River Rat, you hit the nail on the head with the childhood statement...an alcoholic, abusive, absentee father, so feelings of being abandoned was formed in me at a young age. 

BTW, I know most of us have childhood issues, in some form or another, some not even realized. I never knew how much my childhood shaped how I see the world through adult eyes. 

With your military observation, that was what made moving on after her affairs most difficult. I could've stayed married, but I know me, it would not have been the same. I could never share a foxhole, or fighting hole, with her again...

Thanks for your thoughts.


----------



## jetdoc (Jan 31, 2012)

Jellybeans said:


> Totally normal for you to feel untrusting of people after your ex-wife cheated on you with 5-7 different men. The trust issues are due to her betrayal.
> 
> You said you are done with therapy and taht is fine. Maybe you can read some books to help you out and also communicate to your new partner how you feel. Remember, your ex-wife's cheating was a CHOICE she made that had nothing to do with you. It was her decision to do that. Don't let your past relationship mar your new one.

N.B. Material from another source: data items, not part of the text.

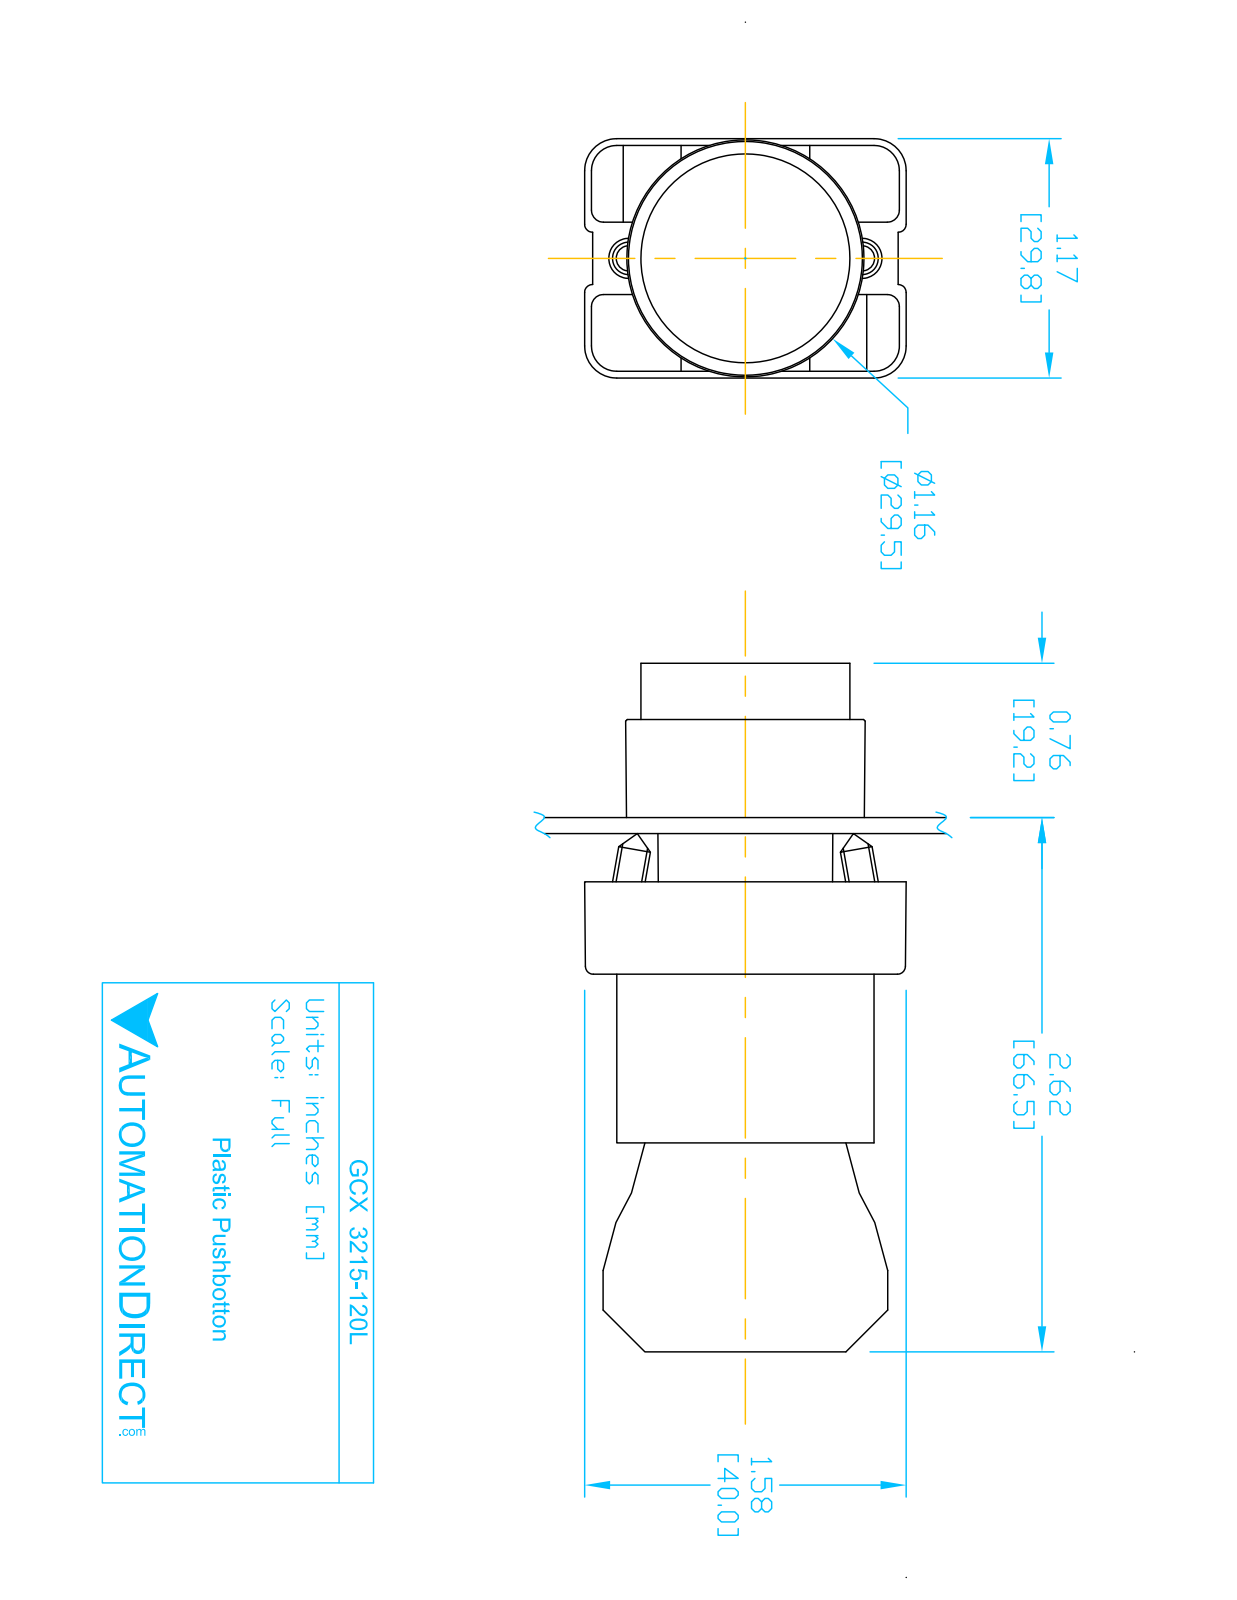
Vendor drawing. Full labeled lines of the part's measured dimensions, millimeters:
Part name (STEP PRODUCT): GCX3215-120L; ECX1050; GCX3215L OPERATOR; ecx1040 (+1 more)
STEP written by: SolidWorks 2016 (AUTOMOTIVE_DESIGN)
Units: millimetres
Bodies: 7 solids, 425 faces (250 planar, 144 cylindrical, 31 other)
Overall size (bounding box): 84.3 × 40.2 × 29.9
Volume: 44 590 mm³ · Surface area: 23 430 mm²
Round holes (diameter × count): ⌀2 ×2, ⌀3.1 ×2, ⌀3.3 ×2, ⌀2.2 ×1, ⌀5 ×1, ⌀11.9 ×1, ⌀22.3 ×1, ⌀22.6 ×1, ⌀26 ×1
Round bosses / shafts (diameter × count): ⌀4 ×4, ⌀29.8 ×1, ⌀25.5 ×1, ⌀24 ×1, ⌀21.7 ×1, ⌀19.8 ×1, ⌀12.8 ×1
Partial cylindrical surfaces — rounded edges, fillets, slot ends (radius × count): R1.5 ×24, R1 ×12, R3.1 ×12, R4 ×12, R1 ×8, R3.3 ×2, R0.5 ×1, R1.6 ×1
Main face-to-face distances: 21, 14.7, 29.7, 51.3, 30.3, 0.8, 0.8, 14.6, 29.6, 15.1
Hole centre spacings: 6, 13.8, 12, 12.4

That is exactly what I am planning on doing, a book, or try to find some sort of a workshop here in Maryland. 

The first thing I learned when I joined a website... survivinginfidelity . com was it was her CHOCIE...It really helped me and yes, we both were 50/50 on our marital issues and problems, they were between us. SHE was the one who decided to bring in other people...she chose to cheat. I had nothing to do with that decision. 

And that is why I am here, trying to not let it ruin my current relationship. I won't allow that to happen, I will work my ass off to assure that won't happen. I am trying so hard, 31 year marriage, lied to for 20 years about 5 affairs, it is a lot to process. But I will. 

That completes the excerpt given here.